# tensión nominal



## Minga

la frase dice 

3.6.	High tension: aquella cuya tensión nominal supera los 5.000 Voltios

nominal tension no es muy literal???

GRACIAS


----------



## jsvillar

Rated Voltage?


----------



## Minga

me preguntás a mi????  es rated voltage o no???


----------



## Sr Salchicha

creo que es "nominal voltage"


----------



## Minga

necesito a alguien que no me pregunte o me diga CREO...  
me parece a mi que está en el medio, que es RATE voltage, 
alguien que me confirme 
GRACIAS IGUAL


----------



## Sr Salchicha

Sorry.
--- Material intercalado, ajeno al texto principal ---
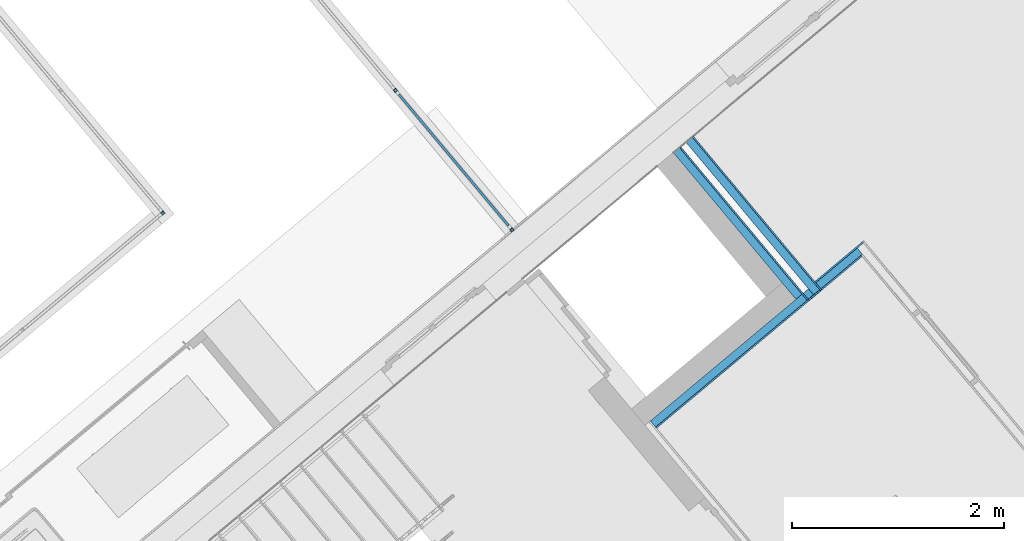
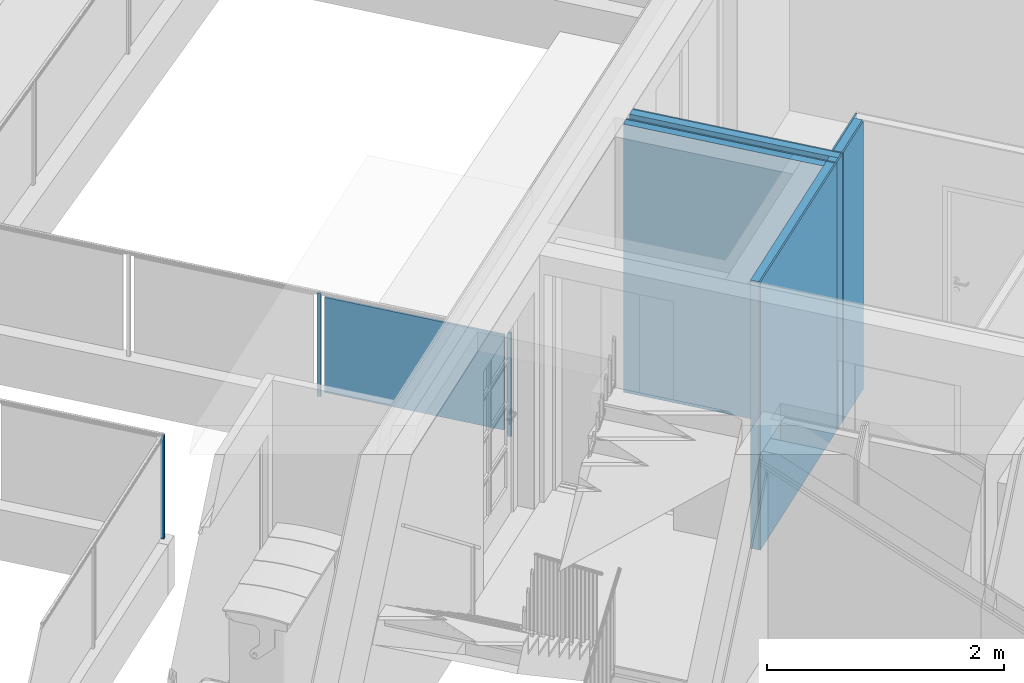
# One storey, part 40 of 75: 15 building element parts, 7 elements without a shape of their own.
"""IFC4 building model written with IfcOpenShell, lengths in metres."""

import ifcopenshell
import ifcopenshell.guid

model = None  # the IFC model being written
_history = None  # IfcOwnerHistory: only IFC2X3 demands one
_inside = {}  # id of a spatial element -> (the spatial element, [elements in it])
_under = {}  # id of a project, library or spatial element -> (it, [spatial elements below it])
_declared = {}  # id of a project -> (the project, [libraries it declares])
_typed = {}  # id of a type object -> (the type object, [elements of that type])
_made_of = {}  # id of a material, layer set ... -> (it, [elements and type objects made of it])


def new_model(schema):
    """Start an empty IFC model of exactly this schema.

    Asked for "IFC4X3", IfcOpenShell would pick the latest addendum, in which some entities
    have other attributes; the version numbers below select the first issue.
    IFC2X3 requires an IfcOwnerHistory on every rooted entity: one is made here for all.
    """
    global model, _history
    if schema == "IFC4X3":
        model = ifcopenshell.file(schema_version=(4, 3, 0, 0))
    else:
        model = ifcopenshell.file(schema=schema)
    _inside.clear()
    _under.clear()
    _declared.clear()
    _typed.clear()
    _made_of.clear()
    _history = None
    if model.schema == "IFC2X3":
        org = make("IfcOrganization", Name="unknown")
        user = make(
            "IfcPersonAndOrganization",
            ThePerson=make("IfcPerson", FamilyName="unknown"),
            TheOrganization=org,
        )
        app = make(
            "IfcApplication",
            ApplicationDeveloper=org,
            Version="unknown",
            ApplicationFullName="unknown",
            ApplicationIdentifier="unknown",
        )
        _history = make(
            "IfcOwnerHistory",
            OwningUser=user,
            OwningApplication=app,
            ChangeAction="ADDED",
            CreationDate=0,
        )
    return model


def make(cls, **values):
    """One entity of the class cls with the attributes given. An attribute that is None is left unset."""
    return model.create_entity(
        cls, **{name: value for name, value in values.items() if value is not None}
    )


def entity(cls, *values):
    """Any entity or typed value of the class cls, its attributes in the order of the schema. None: left unset."""
    e = model.create_entity(cls)
    for i, value in enumerate(values):
        if value is not None:
            e[i] = value
    return e


def rooted(cls, **values):
    """An entity with a GlobalId (a new one), such as an element, a storey or a relation."""
    return make(cls, GlobalId=ifcopenshell.guid.new(), OwnerHistory=_history, **values)


def si_unit(unit_type, name, prefix=None):
    """IfcSIUnit, for example si_unit("LENGTHUNIT", "METRE", prefix="MILLI")."""
    return make("IfcSIUnit", UnitType=unit_type, Prefix=prefix, Name=name)


def converted_unit(unit_type, name, factor, base, dimensions=None, offset=None):
    """IfcConversionBasedUnit, such as the inch: factor (a typed value) times the base unit."""
    return make(
        "IfcConversionBasedUnit"
        if offset is None
        else "IfcConversionBasedUnitWithOffset",
        ConversionOffset=offset,
        Dimensions=None
        if dimensions is None
        else entity("IfcDimensionalExponents", *dimensions),
        UnitType=unit_type,
        Name=name,
        ConversionFactor=make(
            "IfcMeasureWithUnit", ValueComponent=factor, UnitComponent=base
        ),
    )


def derived_unit(unit_type, elements):
    """IfcDerivedUnit: a product of units, each with its exponent."""
    return make(
        "IfcDerivedUnit",
        Elements=[
            make("IfcDerivedUnitElement", Unit=unit, Exponent=power)
            for unit, power in elements
        ],
        UnitType=unit_type,
    )


def assignment(units):
    """IfcUnitAssignment: the units of a project."""
    return None if units is None else make("IfcUnitAssignment", Units=units)


def point(xyz):
    """IfcCartesianPoint."""
    return None if xyz is None else make("IfcCartesianPoint", Coordinates=xyz)


def direction(xyz):
    """IfcDirection."""
    return None if xyz is None else make("IfcDirection", DirectionRatios=xyz)


def frame(location, z_axis=None, x_axis=None):
    """IfcAxis2Placement3D, a coordinate frame: its origin and axes. An axis left out is left unset."""
    return make(
        "IfcAxis2Placement3D",
        Location=point(location),
        Axis=direction(z_axis),
        RefDirection=direction(x_axis),
    )


def origin_with_axes():
    """The frame at (0, 0, 0) with the z axis (0, 0, 1) and the x axis (1, 0, 0) written out."""
    return frame((0.0, 0.0, 0.0), z_axis=(0.0, 0.0, 1.0), x_axis=(1.0, 0.0, 0.0))


def place(relative_to, where):
    """IfcLocalPlacement: puts the frame where relative to a parent placement (None: the world)."""
    return make(
        "IfcLocalPlacement", PlacementRelTo=relative_to, RelativePlacement=where
    )


def context(
    kind, dimensions, precision=None, world=None, true_north=None, identifier=None
):
    """IfcGeometricRepresentationContext, for example the 3D "Model" context."""
    return make(
        "IfcGeometricRepresentationContext",
        ContextIdentifier=identifier,
        ContextType=kind,
        CoordinateSpaceDimension=dimensions,
        Precision=precision,
        WorldCoordinateSystem=world,
        TrueNorth=true_north,
    )


def subcontext(parent, identifier, kind, view, scale=None):
    """IfcGeometricRepresentationSubContext, for example "Body" below "Model"."""
    return make(
        "IfcGeometricRepresentationSubContext",
        ContextIdentifier=identifier,
        ContextType=kind,
        ParentContext=parent,
        TargetScale=scale,
        TargetView=view,
    )


def project(units=None, contexts=None):
    """IfcProject with its units and contexts."""
    return rooted(
        "IfcProject",
        Name="project",
        RepresentationContexts=contexts,
        UnitsInContext=assignment(units),
    )


def spatial(cls, under=None, at=None, **own):
    """A site, building, storey or space (cls), placed at a placement, below another one or the project."""
    s = rooted(cls, ObjectPlacement=at, **own)
    if under is not None:
        _under.setdefault(under.id(), (under, []))[1].append(s)
    return s


def point_list(points):
    """IfcCartesianPointList2D or 3D."""
    cls = (
        "IfcCartesianPointList2D" if len(points[0]) == 2 else "IfcCartesianPointList3D"
    )
    return make(cls, CoordList=points)


def polygons(points, faces, closed=None, point_numbers=None):
    """IfcPolygonalFaceSet: a face is its outer loop, then its inner loops; points numbered from 1."""
    made = []
    for loops in faces:
        if len(loops) == 1:
            made.append(make("IfcIndexedPolygonalFace", CoordIndex=loops[0]))
        else:
            made.append(
                make(
                    "IfcIndexedPolygonalFaceWithVoids",
                    CoordIndex=loops[0],
                    InnerCoordIndices=loops[1:],
                )
            )
    return make(
        "IfcPolygonalFaceSet",
        Coordinates=point_list(points),
        Closed=closed,
        Faces=made,
        PnIndex=point_numbers,
    )


def shape(context_of_items, identifier, shape_type, items):
    """IfcShapeRepresentation: the items that make up one representation, for example the "Body"."""
    return make(
        "IfcShapeRepresentation",
        ContextOfItems=context_of_items,
        RepresentationIdentifier=identifier,
        RepresentationType=shape_type,
        Items=items,
    )


def material(Name=None, Category=None):
    """IfcMaterial."""
    return make("IfcMaterial", Name=Name, Category=Category)


def made_of(thing, what):
    """Note that an element or type object is made of a material, layer set ...; save() writes the relation."""
    if what is not None:
        _made_of.setdefault(what.id(), (what, []))[1].append(thing)
    return thing


def type_object(cls, material=None, **own):
    """A type object (cls), such as IfcWallType, which elements share."""
    return made_of(rooted(cls, **own), material)


def element(
    cls,
    number,
    at=None,
    inside=None,
    cuts=None,
    type_object=None,
    material=None,
    context=None,
    identifier="Body",
    shape_type=None,
    held_by="IfcProductDefinitionShape",
    body=None,
    shapes=None,
    **own,
):
    """One element of the class cls, such as IfcWall. Its Tag is "e" and its number.

    at: its placement. inside: the storey or other place that contains it. cuts: it is an
    opening in that element (IfcRelVoidsElement). A single representation is given by context,
    identifier, shape_type and body (its items); several are given by shapes. held_by: the class
    of the entity that holds the representations. save() writes the other relations.
    """
    e = rooted(cls, Tag="e%d" % number, ObjectPlacement=at, **own)
    if body is not None:
        shapes = [shape(context, identifier, shape_type, body)]
    if shapes is not None:
        e.Representation = make(held_by, Representations=shapes)
    if inside is not None:
        _inside.setdefault(inside.id(), (inside, []))[1].append(e)
    if cuts is not None:
        rooted(
            "IfcRelVoidsElement", RelatingBuildingElement=cuts, RelatedOpeningElement=e
        )
    if type_object is not None:
        _typed.setdefault(type_object.id(), (type_object, []))[1].append(e)
    return made_of(e, material)


def aggregate(whole, parts):
    """IfcRelAggregates: a whole, such as a stair, and the parts it consists of."""
    return rooted("IfcRelAggregates", RelatingObject=whole, RelatedObjects=parts)


def save(model, path):
    """Write the relations noted so far, then the file.

    IfcRelAggregates (storeys below a building ...), IfcRelContainedInSpatialStructure (elements
    in a storey), IfcRelDefinesByType, IfcRelAssociatesMaterial and IfcRelDeclares: one each for
    every whole, place, type object, material and project.
    """
    for whole, parts in _under.values():
        aggregate(whole, parts)
    for where, things in _inside.values():
        rooted(
            "IfcRelContainedInSpatialStructure",
            RelatedElements=things,
            RelatingStructure=where,
        )
    for kind, things in _typed.values():
        rooted("IfcRelDefinesByType", RelatedObjects=things, RelatingType=kind)
    for what, things in _made_of.values():
        rooted("IfcRelAssociatesMaterial", RelatedObjects=things, RelatingMaterial=what)
    for by, libraries in _declared.values():
        rooted("IfcRelDeclares", RelatingContext=by, RelatedDefinitions=libraries)
    model.write(path)


model = new_model("IFC4")

# Units and contexts
model_context = context("Model", 3, precision=1e-05, world=origin_with_axes(), true_north=direction((0.0, 1.0)))
body_context = subcontext(model_context, "Body", "Model", "MODEL_VIEW")
ifc_project = project(units=[si_unit("LENGTHUNIT", "METRE"), si_unit("AREAUNIT", "SQUARE_METRE"), si_unit("VOLUMEUNIT", "CUBIC_METRE"), converted_unit("PLANEANGLEUNIT", "DEGREE", entity("IfcPlaneAngleMeasure", 0.0174532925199), si_unit("PLANEANGLEUNIT", "RADIAN"), dimensions=[0, 0, 0, 0, 0, 0, 0]), converted_unit("TIMEUNIT", "Year", entity("IfcTimeMeasure", 31556926.0), si_unit("TIMEUNIT", "SECOND"), dimensions=[0, 0, 1, 0, 0, 0, 0]), si_unit("MASSUNIT", "GRAM", prefix="KILO"), si_unit("THERMODYNAMICTEMPERATUREUNIT", "DEGREE_CELSIUS"), si_unit("LUMINOUSINTENSITYUNIT", "LUMEN"), si_unit("ENERGYUNIT", "JOULE", prefix="MEGA"), derived_unit("THERMALCONDUCTANCEUNIT", [(si_unit("POWERUNIT", "WATT"), 1), (si_unit("LENGTHUNIT", "METRE"), -1), (si_unit("THERMODYNAMICTEMPERATUREUNIT", "KELVIN"), -1)]), derived_unit("SPECIFICHEATCAPACITYUNIT", [(si_unit("ENERGYUNIT", "JOULE"), 1), (si_unit("MASSUNIT", "GRAM", prefix="KILO"), -1), (si_unit("THERMODYNAMICTEMPERATUREUNIT", "KELVIN"), -1)]), derived_unit("MASSDENSITYUNIT", [(si_unit("MASSUNIT", "GRAM", prefix="KILO"), 1), (si_unit("VOLUMEUNIT", "CUBIC_METRE"), -1)])], contexts=[model_context])

# Site, building, storey
site_placement = place(None, frame((-0.00153261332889, -0.00661245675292, 0.0), z_axis=(0.0, 0.0, 1.0), x_axis=(1.0, 0.0, 0.0)))
site = spatial("IfcSite", under=ifc_project, at=site_placement, Name="Gelände", CompositionType="ELEMENT")
building_placement = place(site_placement, origin_with_axes())
building = spatial("IfcBuilding", under=site, at=building_placement, Name="Gebäude", CompositionType="ELEMENT")
storey_placement = place(building_placement, frame((0.0, 0.0, -0.22), z_axis=(0.0, 0.0, 1.0), x_axis=(1.0, 0.0, 0.0)))
storey = spatial("IfcBuildingStorey", under=building, at=storey_placement, Name="EG", CompositionType="ELEMENT", Elevation=-0.22)

# Wall, building element parts
wall_type_1 = type_object("IfcWallType", Name="LB 9,0 cm einfache Vorsatzschale  90", PredefinedType="NOTDEFINED")
wall_1_placement = place(storey_placement, frame((2.91105147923, 25.8183705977, 0.0), z_axis=(0.0, 0.0, 1.0), x_axis=(-0.641215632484, 0.767360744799, 0.0)))
wall_1 = element("IfcWall", 1, at=wall_1_placement, inside=storey, type_object=wall_type_1, Name="Wand-006", PredefinedType="NOTDEFINED")
ifc_material_1 = material(Name="Mineralwolle weich")
building_element_part_1_placement = place(wall_1_placement, origin_with_axes())
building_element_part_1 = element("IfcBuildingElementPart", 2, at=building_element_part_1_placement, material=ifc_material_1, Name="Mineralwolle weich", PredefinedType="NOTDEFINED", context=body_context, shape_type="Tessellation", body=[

Nominal Voltage!


----------



## vicdark

¿Te sirve esto?

*Rated* speed, velocidad de régimen o nominal. *Rated voltage*, tensión nominal. *Rated* wind speed, velocidad nominal del viento. *Rated*, capacidad nominal *...*
www.sapiensman.com/ESDictionary/R/Technical_vocabulary_Spanish(R3).htm


----------



## Sr Salchicha

I think you'll find that one set of terms is in AE and the other in BE.


----------



## Minga

yo usaría es Nominal Tension. Lo que pasa es que la palabra Rate es medio ambigua, significa ya sea "Ratio/tasa/caudal" por un lado, y "valor prefijado" por el otro. Es ambigua. Nominal es una tradución tal vez un poco literal, pero dado que existe y la utilizan creo que es la mejor... qué opinan?


----------



## RIU

Hola Minguilla, 

Mal que te pese , _nominal voltage (o tensión nominal)_ es la tensión en bornes de un acumulador a plena carga mientras suministra la corriente a régimen nominal. _Rated voltage_ es la tensión de diseño de cualquier elemento eléctrico. Como supongo que hablas de transporte de energia, me inclino por rated voltage.

Abrazote!

RIU


----------



## Minga

hmmmm dios mio qué dificil ....
me parece coherente... 
Gracias RIU amigo 
sigamos pensando
Abrazo
Minga


----------